Bundespräsident Gauck: Datenschutz so wichtig wie Umweltschutz
Der Bundespräsident hat "Gesetze, Konventionen und gesellschaftliche Verabredungen" gefordert, die dem "epochalen Wandel" im Umgang mit digitalen Daten Rechnung tragen.
Bundespräsident Joachim Gauck hat "Gesetze, Konventionen und gesellschaftliche Verabredungen" gefordert, die dem "epochalen Wandel" im Umgang mit digitalen Daten Rechnung tragen. "Der Datenschutz sollte für den Erhalt der Privatsphäre so wichtig werden wie Umweltschutz für den Erhalt der Lebensgrundlagen", postulierte das Staatsoberhaupt am Donnerstag in seiner Rede zum Festakt am Tag der Deutschen Einheit in Stuttgart. Die Bürger müssten die Vorteile der digitalen Welt nutzen, sich gegen ihre Nachteile aber bestmöglich schützen können.

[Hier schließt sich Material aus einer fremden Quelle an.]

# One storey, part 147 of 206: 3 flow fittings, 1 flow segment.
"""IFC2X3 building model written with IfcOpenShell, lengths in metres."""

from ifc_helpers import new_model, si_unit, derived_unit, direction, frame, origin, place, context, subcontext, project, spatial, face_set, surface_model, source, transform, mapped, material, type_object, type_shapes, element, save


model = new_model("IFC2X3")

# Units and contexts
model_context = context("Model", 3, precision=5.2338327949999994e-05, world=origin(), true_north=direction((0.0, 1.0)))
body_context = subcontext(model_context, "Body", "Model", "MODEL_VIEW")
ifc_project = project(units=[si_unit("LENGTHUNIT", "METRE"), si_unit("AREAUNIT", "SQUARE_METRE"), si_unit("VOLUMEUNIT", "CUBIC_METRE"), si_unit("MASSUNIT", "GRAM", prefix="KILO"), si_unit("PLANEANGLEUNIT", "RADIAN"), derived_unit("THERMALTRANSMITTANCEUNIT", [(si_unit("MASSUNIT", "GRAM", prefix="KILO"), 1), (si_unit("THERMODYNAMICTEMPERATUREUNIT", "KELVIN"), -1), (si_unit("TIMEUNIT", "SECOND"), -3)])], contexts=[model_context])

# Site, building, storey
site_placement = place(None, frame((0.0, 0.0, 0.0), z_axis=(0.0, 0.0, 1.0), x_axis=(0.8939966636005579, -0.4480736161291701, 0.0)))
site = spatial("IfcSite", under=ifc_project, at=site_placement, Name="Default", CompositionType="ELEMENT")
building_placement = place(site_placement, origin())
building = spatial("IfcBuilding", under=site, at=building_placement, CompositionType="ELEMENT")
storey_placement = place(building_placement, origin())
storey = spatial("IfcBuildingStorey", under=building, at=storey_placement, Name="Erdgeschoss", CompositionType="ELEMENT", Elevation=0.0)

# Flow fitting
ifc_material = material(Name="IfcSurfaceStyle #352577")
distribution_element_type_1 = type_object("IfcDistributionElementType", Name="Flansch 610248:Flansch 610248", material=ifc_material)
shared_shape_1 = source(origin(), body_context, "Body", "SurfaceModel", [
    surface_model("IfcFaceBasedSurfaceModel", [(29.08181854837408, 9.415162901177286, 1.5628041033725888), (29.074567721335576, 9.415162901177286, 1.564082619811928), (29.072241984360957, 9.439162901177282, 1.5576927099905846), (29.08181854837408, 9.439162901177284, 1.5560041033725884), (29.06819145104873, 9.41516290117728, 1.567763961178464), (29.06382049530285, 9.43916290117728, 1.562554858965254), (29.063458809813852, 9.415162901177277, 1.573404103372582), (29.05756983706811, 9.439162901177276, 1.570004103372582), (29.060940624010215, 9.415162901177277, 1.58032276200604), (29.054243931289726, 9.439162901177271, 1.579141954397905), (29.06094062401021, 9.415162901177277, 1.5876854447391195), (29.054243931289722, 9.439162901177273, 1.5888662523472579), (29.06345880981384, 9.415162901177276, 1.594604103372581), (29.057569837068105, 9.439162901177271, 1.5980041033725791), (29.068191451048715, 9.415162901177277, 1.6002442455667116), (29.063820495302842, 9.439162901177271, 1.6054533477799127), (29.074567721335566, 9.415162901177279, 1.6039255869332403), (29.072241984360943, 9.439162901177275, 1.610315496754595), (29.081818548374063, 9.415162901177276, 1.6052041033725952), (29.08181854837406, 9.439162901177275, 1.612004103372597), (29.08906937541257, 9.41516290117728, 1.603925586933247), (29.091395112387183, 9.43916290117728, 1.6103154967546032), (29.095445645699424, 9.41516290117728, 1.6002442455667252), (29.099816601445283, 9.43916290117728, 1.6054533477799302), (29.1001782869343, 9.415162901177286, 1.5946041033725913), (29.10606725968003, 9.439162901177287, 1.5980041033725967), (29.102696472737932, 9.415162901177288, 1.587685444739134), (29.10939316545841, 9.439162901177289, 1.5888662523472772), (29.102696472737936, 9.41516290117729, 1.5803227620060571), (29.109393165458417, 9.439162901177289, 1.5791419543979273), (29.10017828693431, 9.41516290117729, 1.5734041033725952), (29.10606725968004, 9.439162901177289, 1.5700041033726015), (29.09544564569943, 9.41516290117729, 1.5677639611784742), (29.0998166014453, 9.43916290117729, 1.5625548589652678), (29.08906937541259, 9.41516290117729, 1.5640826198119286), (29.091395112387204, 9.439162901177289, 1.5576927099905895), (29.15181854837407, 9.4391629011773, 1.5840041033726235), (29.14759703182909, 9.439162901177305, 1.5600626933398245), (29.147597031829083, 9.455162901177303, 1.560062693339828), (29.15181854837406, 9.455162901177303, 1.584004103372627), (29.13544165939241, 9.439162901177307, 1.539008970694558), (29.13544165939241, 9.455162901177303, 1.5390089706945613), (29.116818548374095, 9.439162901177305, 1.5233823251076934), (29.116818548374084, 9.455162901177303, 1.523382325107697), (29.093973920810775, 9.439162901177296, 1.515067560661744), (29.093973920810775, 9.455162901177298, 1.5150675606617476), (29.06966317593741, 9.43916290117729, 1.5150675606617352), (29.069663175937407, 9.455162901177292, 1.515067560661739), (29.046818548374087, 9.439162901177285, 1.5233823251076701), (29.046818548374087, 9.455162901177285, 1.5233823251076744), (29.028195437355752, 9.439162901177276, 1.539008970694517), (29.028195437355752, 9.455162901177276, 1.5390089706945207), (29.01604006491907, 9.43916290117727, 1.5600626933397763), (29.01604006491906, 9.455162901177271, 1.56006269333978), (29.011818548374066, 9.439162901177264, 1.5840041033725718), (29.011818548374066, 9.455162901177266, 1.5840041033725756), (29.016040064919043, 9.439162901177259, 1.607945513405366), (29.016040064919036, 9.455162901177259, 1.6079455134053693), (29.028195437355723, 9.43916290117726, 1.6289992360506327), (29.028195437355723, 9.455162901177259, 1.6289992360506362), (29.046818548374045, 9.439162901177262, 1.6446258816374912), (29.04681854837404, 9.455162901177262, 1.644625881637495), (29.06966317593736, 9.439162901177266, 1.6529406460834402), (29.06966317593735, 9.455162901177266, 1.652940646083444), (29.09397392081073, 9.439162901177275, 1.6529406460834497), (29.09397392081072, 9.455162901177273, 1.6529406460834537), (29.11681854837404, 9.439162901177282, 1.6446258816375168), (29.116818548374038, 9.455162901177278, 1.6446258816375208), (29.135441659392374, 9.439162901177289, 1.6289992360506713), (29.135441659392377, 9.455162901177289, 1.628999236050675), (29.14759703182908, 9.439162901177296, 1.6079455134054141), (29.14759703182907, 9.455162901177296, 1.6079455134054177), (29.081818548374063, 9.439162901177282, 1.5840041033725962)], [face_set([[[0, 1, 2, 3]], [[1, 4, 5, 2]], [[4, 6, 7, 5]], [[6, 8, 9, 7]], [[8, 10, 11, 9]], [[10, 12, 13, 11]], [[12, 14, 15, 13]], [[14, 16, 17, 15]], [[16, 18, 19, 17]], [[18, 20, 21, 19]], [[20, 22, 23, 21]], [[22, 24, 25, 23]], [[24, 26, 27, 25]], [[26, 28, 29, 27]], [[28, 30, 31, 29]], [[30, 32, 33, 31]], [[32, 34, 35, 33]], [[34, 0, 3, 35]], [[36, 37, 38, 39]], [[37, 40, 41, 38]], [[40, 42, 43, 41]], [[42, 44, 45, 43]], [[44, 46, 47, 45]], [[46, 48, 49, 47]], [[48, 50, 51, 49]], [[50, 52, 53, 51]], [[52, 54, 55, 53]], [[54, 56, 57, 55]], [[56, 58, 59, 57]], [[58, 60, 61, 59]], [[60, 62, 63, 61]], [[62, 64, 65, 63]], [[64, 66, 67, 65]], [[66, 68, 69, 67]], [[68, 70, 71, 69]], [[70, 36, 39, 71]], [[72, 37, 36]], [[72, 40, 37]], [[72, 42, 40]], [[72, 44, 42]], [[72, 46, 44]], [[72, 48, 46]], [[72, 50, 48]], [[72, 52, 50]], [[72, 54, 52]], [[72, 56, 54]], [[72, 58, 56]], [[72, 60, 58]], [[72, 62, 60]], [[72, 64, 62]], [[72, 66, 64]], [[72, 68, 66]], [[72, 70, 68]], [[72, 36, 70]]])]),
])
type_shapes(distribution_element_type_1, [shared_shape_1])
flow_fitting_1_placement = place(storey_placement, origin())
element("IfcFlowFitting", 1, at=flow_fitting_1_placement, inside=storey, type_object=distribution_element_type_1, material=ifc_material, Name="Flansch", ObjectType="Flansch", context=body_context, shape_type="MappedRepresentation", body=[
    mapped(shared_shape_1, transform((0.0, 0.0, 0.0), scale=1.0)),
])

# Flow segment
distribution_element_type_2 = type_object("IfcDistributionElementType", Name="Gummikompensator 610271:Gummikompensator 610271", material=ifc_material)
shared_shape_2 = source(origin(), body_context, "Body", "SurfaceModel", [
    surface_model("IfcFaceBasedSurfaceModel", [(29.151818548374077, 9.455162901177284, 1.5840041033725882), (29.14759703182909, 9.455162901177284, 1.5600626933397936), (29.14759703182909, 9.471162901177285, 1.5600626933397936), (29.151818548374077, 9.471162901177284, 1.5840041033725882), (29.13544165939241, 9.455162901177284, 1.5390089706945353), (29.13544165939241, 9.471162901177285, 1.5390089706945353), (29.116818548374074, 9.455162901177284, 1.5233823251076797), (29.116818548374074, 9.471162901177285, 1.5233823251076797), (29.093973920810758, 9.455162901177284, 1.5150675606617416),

Der frühere Beauftragte für die Stasi-Unterlagen bezeichnete insbesondere die NSA-Affäre als Weckruf. Wohin die Vernetzung führe, darüber hätten "wir einfachen 'User' bislang wenig nachgedacht". Erst die Berichte über die Datensammlung befreundeter Geheimdienste hätten die Menschen mit einer Realität konfrontiert, die sie bis dahin für unvorstellbar hielten, und vielen "die Gefahr für die Privatsphäre bewusst" gemacht.
Gauck erinnerte daran, dass sich vor 30 Jahren Bundesbürger sich noch leidenschaftlich gegen die Volkszählung wehrten und das Recht auf informationelle Selbstbestimmung durchsetzten. Insbesondere in der DDR hätten Betroffene gegen das totalitäre System und Gesinnungsschnüffelei gekämpft. Heute trügen die Nutzer dagegen freiwillig oder gedankenlos bei jedem Klick im Netz Persönliches zu Markte, die Jüngeren vertrauten sozialen Netzwerken "gleich ihr ganzes Leben an". Viele verstünden nicht oder wollten nicht wissen, "dass sie so mit bauen am digitalen Zwilling ihrer realen Person, der neben ihren Stärken auch ihre Schwächen enthüllt". Dieser Schatten lasse den Einzelnen "transparent, kalkulierbar und manipulierbar werden für Dienste und Politik, Kommerz und Arbeitsmarkt".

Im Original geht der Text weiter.